— TASK GOAL —
Where does the string "Board" occur in the records? Copy each line that holds it.

Records from a collection:
+ + +
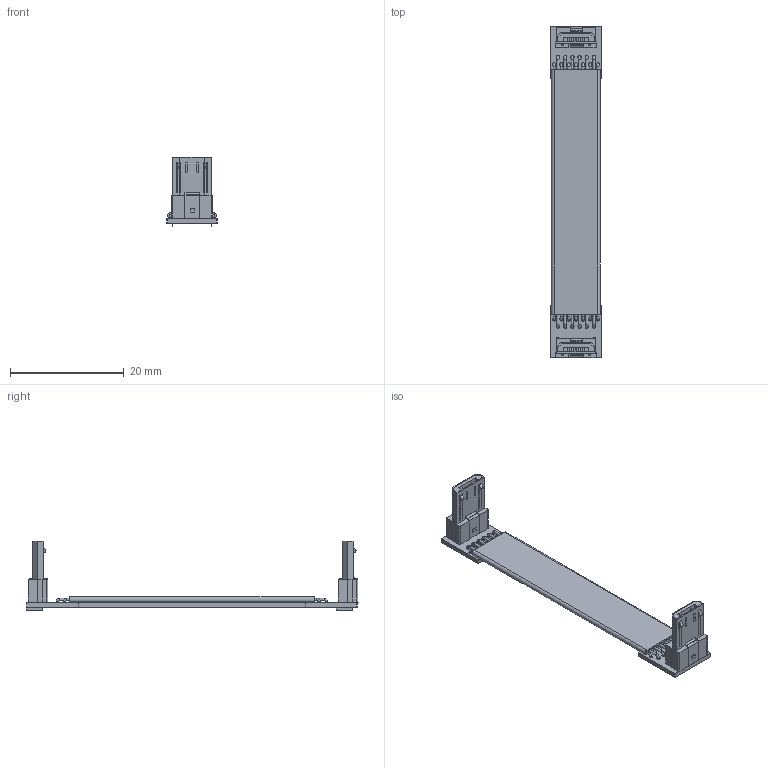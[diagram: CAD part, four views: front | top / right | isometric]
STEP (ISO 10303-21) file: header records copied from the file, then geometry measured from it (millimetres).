
FILE_DESCRIPTION(('Open CASCADE Model'),'2;1');
FILE_NAME('Open CASCADE Shape Model','2020-09-01T10:20:15',('Author'),( 'Open CASCADE'),'Open CASCADE STEP processor 6.8','Open CASCADE 6.8' ,'Unknown');
FILE_SCHEMA(('AUTOMOTIVE_DESIGN { 1 0 10303 214 1 1 1 1 }'));
Length unit declared in the file: millimetre
Products named in the file (34): PCB; Board; Open CASCADE STEP translator 6.8 23.1.1; Designator22; USB_micro; Designator22_1; Free-Models; cable13-US2A
Assembly tree (34 placements, depth 3):
  PCB
    Board
      Open CASCADE STEP translator 6.8 23.1.1
    Designator22
      USB_micro
    Designator22_1
      USB_micro
    Free-Models
      cable13-US2A
      cable13-US2A
      cable13-US2A
      cable13-US2A
      cable13-US2A
      cable13-US2A
      cable13-US2A
      cable13-US2A
      cable13-US2A
      cable13-US2A
      cable13-US2A
      cable13-US2A
      cable13-US2A
      cable13-US2A
      cable13-US2A
      cable13-US2A
      cable13-US2A
      cable13-US2A
      cable13-US2A
      cable13-US2A
      cable13-US2A
      cable13-US2A
      cable13-US2A
      cable13-US2A
      cable13-US2A
      cable13-US2A
      cable13-US2A
Bounding box: 8.83 x 58.35 x 12.18 mm (x, y, z)
Volume: 732.2 mm3; surface area: 2807.4 mm2
Topology: 30 solids, 30 shells, 551 faces, 1341 edges, 864 vertices
Faces by surface type: plane 354, cylinder 171, torus 26
Full cylindrical faces by diameter (mm): 0.36 x10, 0.4 x65, 0.6 x26
Entity records: 14606 total; most frequent: CARTESIAN_POINT 2111, DIRECTION 1942, ORIENTED_EDGE 1790, EDGE_CURVE 895, AXIS2_PLACEMENT_3D 716, VERTEX_POINT 573, LINE 510, VECTOR 510
+ + +
— THE ANSWER —
Products named in the file (34): PCB; Board; Open CASCADE STEP translator 6.8 23.1.1; Designator22; USB_micro; Designator22_1; Free-Models; cable13-US2A
    Board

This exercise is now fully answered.